* **AIM OF THE EXERCISE**
Could you copy exactly the lines from the start of the records through the one containing "doc.layers.add('CENTER', color=40, linetype='CENTERX2')", both included, and leave out the pictures?

──────── INPUT DATA

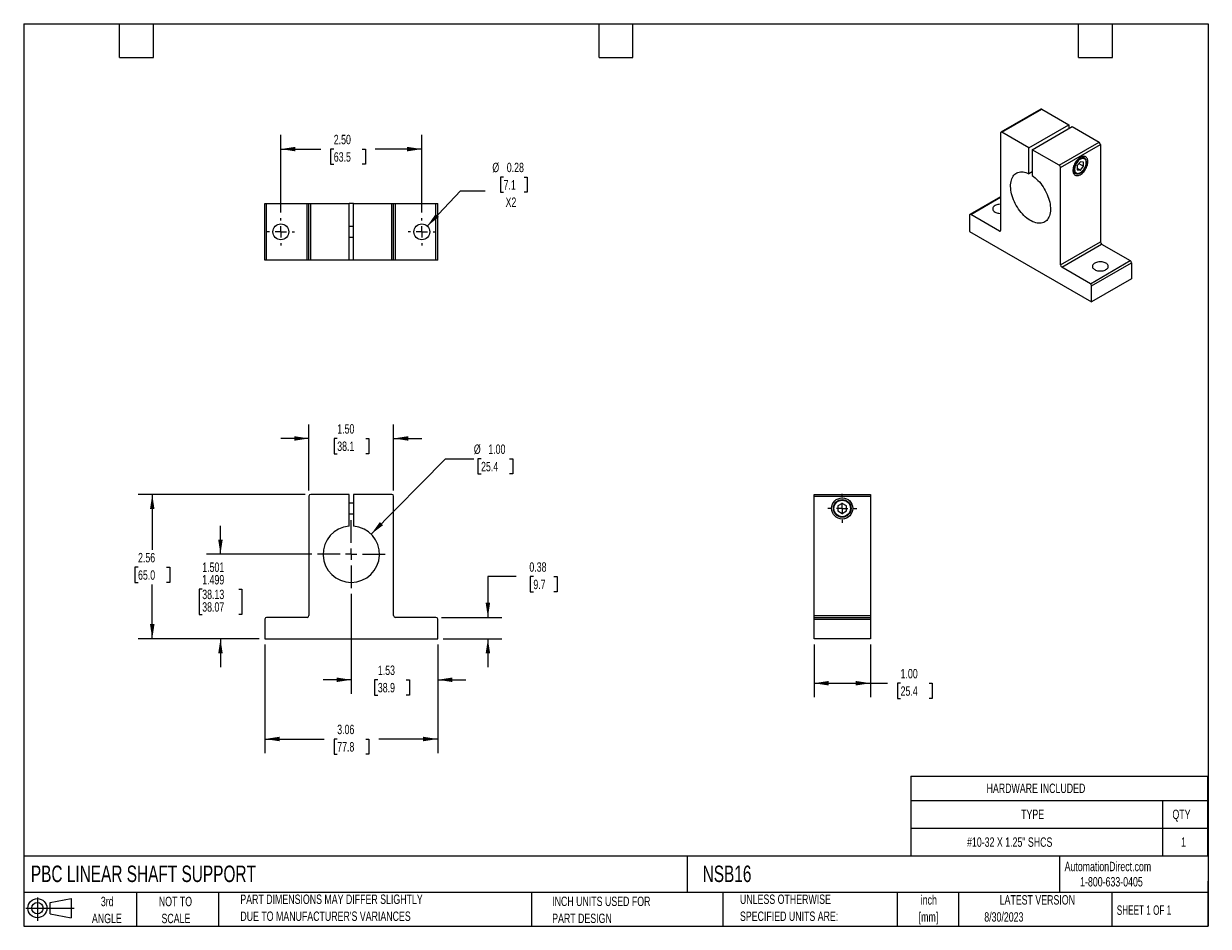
# Model space of a CAD drawing. Header units: inches. Extents: x 0.5 to 21.5, y 0.5 to 16.5.
import ezdxf

# ---------------------------------------------------------------- set-up
doc = ezdxf.new("R2010")
doc.units = ezdxf.units.IN
doc.header["$LTSCALE"] = 2
doc.header["$MEASUREMENT"] = 0
doc.linetypes.add('CENTERX2', pattern=[0.8, 0.5, -0.1, 0.1, -0.1])
doc.layers.add('CENTER', color=40, linetype='CENTERX2')
doc.layers.add('SLD-DEFPOINTS', color=7, linetype='Continuous')
doc.layers.add('DIMENSIONS', color=140, linetype='Continuous', lineweight=25)
doc.layers.add('TEXT', color=140, linetype='Continuous', lineweight=25)
doc.styles.add('SLDTEXTSTYLE0', font='TXT', dxfattribs={"width": 0.7})
doc.styles.add('SLDTEXTSTYLE1', font='TXT', dxfattribs={"width": 0.65})
doc.dimstyles.new('SLDDIMSTYLE0', dxfattribs={"dimtxt": 0.169922, "dimasz": 0.26, "dimexe": 0, "dimexo": 0.0625, "dimgap": 0.04248, "dimtad": 0, "dimtih": 1, "dimtoh": 1, "dimdec": 3, "dimrnd": 1e-09, "dimzin": 4, "dimdsep": 46, "dimtxsty": 'SLDTEXTSTYLE0', "dimsah": 1, "dimcen": 0.09, "dimadec": 0, "dimazin": 1, "dimlim": 1, "dimtp": 0.001, "dimtm": 0.001, "dimtfac": 1, "dimtdec": 3, "dimtmove": 0, "dimatfit": 0, "dimfxl": 0, "dimfrac": 2, "dimtolj": 1, "dimtzin": 12, "dimarcsym": 0})
doc.dimstyles.new('SLDDIMSTYLE1', dxfattribs={"dimtxt": 0.169922, "dimasz": 0.26, "dimexe": 0, "dimexo": 0.0625, "dimgap": 0.04248, "dimtad": 0, "dimtih": 1, "dimtoh": 1, "dimrnd": 1e-09, "dimzin": 12, "dimdsep": 46, "dimtxsty": 'SLDTEXTSTYLE0', "dimsah": 1, "dimcen": 0.09, "dimadec": 0, "dimazin": 3, "dimtfac": 1, "dimtofl": 0, "dimtmove": 0, "dimatfit": 3, "dimfxl": 0, "dimfrac": 2, "dimtolj": 1, "dimtzin": 12, "dimarcsym": 0})
doc.dimstyles.new('SLDDIMSTYLE2', dxfattribs={"dimtxt": 0.169922, "dimasz": 0.26, "dimexe": 0, "dimexo": 0.0625, "dimgap": 0.04248, "dimtad": 0, "dimtih": 1, "dimtoh": 1, "dimrnd": 1e-09, "dimzin": 12, "dimdsep": 46, "dimtxsty": 'SLDTEXTSTYLE0', "dimsah": 1, "dimcen": 0.09, "dimadec": 0, "dimazin": 3, "dimtfac": 1, "dimtmove": 0, "dimatfit": 0, "dimfxl": 0, "dimfrac": 2, "dimtolj": 1, "dimtzin": 12, "dimarcsym": 0})
doc.dimstyles.new('SLDDIMSTYLE3', dxfattribs={"dimtxt": 0.169922, "dimasz": 0.26, "dimexe": 0, "dimexo": 0.0625, "dimgap": 0.04248, "dimtad": 0, "dimtih": 1, "dimtoh": 1, "dimrnd": 1e-09, "dimdsep": 46, "dimtxsty": 'SLDTEXTSTYLE0', "dimsah": 1, "dimcen": 0.09, "dimadec": 0, "dimazin": 2, "dimtfac": 1, "dimtmove": 0, "dimatfit": 0, "dimfxl": 0, "dimfrac": 2, "dimtolj": 1, "dimtzin": 12, "dimarcsym": 0})
doc.dimstyles.new('SLDDIMSTYLE4', dxfattribs={"dimtxt": 0.169922, "dimasz": 0.26, "dimexe": 0, "dimexo": 0.0625, "dimgap": 0.04248, "dimtad": 0, "dimtih": 1, "dimtoh": 1, "dimrnd": 1e-09, "dimzin": 4, "dimdsep": 46, "dimtxsty": 'SLDTEXTSTYLE0', "dimsah": 1, "dimcen": 0.09, "dimadec": 0, "dimazin": 1, "dimtfac": 1, "dimtmove": 0, "dimatfit": 0, "dimfxl": 0, "dimfrac": 2, "dimtolj": 1, "dimtzin": 12, "dimarcsym": 0})
doc.dimstyles.new('SLDDIMSTYLE5', dxfattribs={"dimtxt": 0.169922, "dimasz": 0.26, "dimexe": 0, "dimexo": 0.0625, "dimgap": 0.04248, "dimtad": 0, "dimtih": 1, "dimtoh": 1, "dimrnd": 1e-09, "dimzin": 4, "dimdsep": 46, "dimtxsty": 'SLDTEXTSTYLE0', "dimsah": 1, "dimcen": 0, "dimadec": 0, "dimazin": 1, "dimtfac": 1, "dimtofl": 0, "dimtmove": 0, "dimatfit": 3, "dimfxl": 0, "dimfrac": 2, "dimtolj": 1, "dimtzin": 12, "dimarcsym": 0})
doc.dimstyles.new('SLDDIMSTYLE6', dxfattribs={"dimtxt": 0.169922, "dimasz": 0.26, "dimexe": 0, "dimexo": 0.0625, "dimgap": 0.04248, "dimtad": 0, "dimtih": 1, "dimtoh": 1, "dimrnd": 1e-09, "dimzin": 4, "dimdsep": 46, "dimtxsty": 'SLDTEXTSTYLE0', "dimsah": 1, "dimcen": 0.09, "dimadec": 0, "dimazin": 1, "dimtfac": 1, "dimtofl": 0, "dimtmove": 0, "dimatfit": 3, "dimfxl": 0, "dimfrac": 2, "dimtolj": 1, "dimtzin": 12, "dimarcsym": 0})
doc.dimstyles.new('SLDDIMSTYLE7', dxfattribs={"dimtxt": 0.169922, "dimasz": 0.26, "dimexe": 0, "dimexo": 0.0625, "dimgap": 0.04248, "dimtad": 0, "dimtih": 1, "dimtoh": 1, "dimrnd": 1e-09, "dimdsep": 46, "dimtxsty": 'SLDTEXTSTYLE0', "dimsah": 1, "dimcen": 0, "dimadec": 0, "dimazin": 2, "dimtfac": 1, "dimtofl": 0, "dimtmove": 0, "dimatfit": 3, "dimfxl": 0, "dimfrac": 2, "dimtolj": 1, "dimtzin": 12, "dimarcsym": 0})

# ---------------------------------------------------------------- blocks, each defined once
blk = doc.blocks.new('Block11')
at = {"color": 7, "linetype": 'Continuous', "lineweight": 18}
for p, q in [((0, 0.227), (0.856, 0.227)), ((0.204, 0.418), (0.204, 0)), ((0.431, 0.328), (0.801, 0.396)), ((0.431, 0.126), (0.431, 0.328)), ((0.801, 0.396), (0.801, 0.058)), ((0.431, 0.126), (0.801, 0.058))]:
    blk.add_line(p, q, dxfattribs=at)
for radius in [0.169, 0.101]:
    blk.add_circle((0.204, 0.227), radius, dxfattribs=at)
blk = doc.blocks.new('Block12')
at = {"layer": 'SLD-DEFPOINTS'}
blk.add_blockref('Block11', (0, 0), dxfattribs=at)
blk = doc.blocks.new('SW_NOTE_0')
at = {"layer": 'TEXT', "color": 0, "char_height": 0.1667, "attachment_point": 2, "style": 'SLDTEXTSTYLE0'}
for s, insert in [('inch', (0.25, 0.215)), ('[mm]', (0.244, -0.086))]:
    blk.add_mtext(s, dxfattribs=dict(at, insert=insert))
blk = doc.blocks.new('SW_NOTE_0_1')
at = {"layer": 'TEXT', "color": 0, "char_height": 0.16667, "attachment_point": 1, "style": 'SLDTEXTSTYLE0'}
for s, insert in [('UNLESS OTHERWISE', (0, 0.215)), ('SPECIFIED UNITS ARE:', (0, -0.086))]:
    blk.add_mtext(s, dxfattribs=dict(at, insert=insert))
blk = doc.blocks.new('SW_NOTE_0_2')
at = {"layer": 'TEXT', "color": 0, "char_height": 0.16667, "attachment_point": 1, "style": 'SLDTEXTSTYLE0'}
for s, insert in [('PART DIMENSIONS MAY DIFFER SLIGHTLY', (0, 0.215)), ("DUE TO MANUFACTURER'S VARIANCES", (0, -0.086))]:
    blk.add_mtext(s, dxfattribs=dict(at, insert=insert))
blk = doc.blocks.new('SW_NOTE_0_3')
at = {"layer": 'TEXT', "color": 0, "char_height": 0.1667, "attachment_point": 2, "style": 'SLDTEXTSTYLE0'}
for s, insert in [('NOT TO', (0.414, 0.215)), ('SCALE', (0.422, -0.086))]:
    blk.add_mtext(s, dxfattribs=dict(at, insert=insert))
blk = doc.blocks.new('SW_NOTE_0_4')
at = {"layer": 'TEXT', "color": 0, "char_height": 0.1667, "attachment_point": 2, "style": 'SLDTEXTSTYLE0'}
for s, insert in [('3rd', (0.182, 0.215)), ('ANGLE', (0.175, -0.086))]:
    blk.add_mtext(s, dxfattribs=dict(at, insert=insert))
blk = doc.blocks.new('SW_NOTE_0_5')
at = {"layer": 'TEXT', "color": 0, "char_height": 0.16667, "attachment_point": 1, "style": 'SLDTEXTSTYLE0'}
for s, insert in [('INCH UNITS USED FOR', (0, 0.215)), ('PART DESIGN', (0, -0.086))]:
    blk.add_mtext(s, dxfattribs=dict(at, insert=insert))
blk = doc.blocks.new('SW_TABLEANNOTATION_0')
at = {"layer": 'TEXT', "color": 0}
for p, q in [((0, 0), (0, -0.433)), ((0, 0), (4.464, 0)), ((4.464, 0), (5.264, 0)), ((5.264, 0), (5.264, -0.433)), ((0, -0.433), (0, -0.925)), ((0, -0.433), (4.464, -0.433)), ((4.464, -0.433), (4.464, -0.925)), ((4.464, -0.433), (5.264, -0.433)), ((5.264, -0.433), (5.264, -0.925)), ((0, -0.925), (0, -1.416)), ((0, -0.925), (4.464, -0.925)), ((4.464, -0.925), (4.464, -1.416)), ((4.464, -0.925), (5.264, -0.925)), ((5.264, -0.925), (5.264, -1.416)), ((0, -1.416), (4.464, -1.416)), ((4.464, -1.416), (5.264, -1.416))]:
    blk.add_line(p, q, dxfattribs=at)
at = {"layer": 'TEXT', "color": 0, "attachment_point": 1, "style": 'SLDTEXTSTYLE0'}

────────────────

* **SOLUTION FOR THIS PROBLEM**
# Model space of a CAD drawing. Header units: inches. Extents: x 0.5 to 21.5, y 0.5 to 16.5.
import ezdxf

# ---------------------------------------------------------------- set-up
doc = ezdxf.new("R2010")
doc.units = ezdxf.units.IN
doc.header["$LTSCALE"] = 2
doc.header["$MEASUREMENT"] = 0
doc.linetypes.add('CENTERX2', pattern=[0.8, 0.5, -0.1, 0.1, -0.1])
doc.layers.add('CENTER', color=40, linetype='CENTERX2')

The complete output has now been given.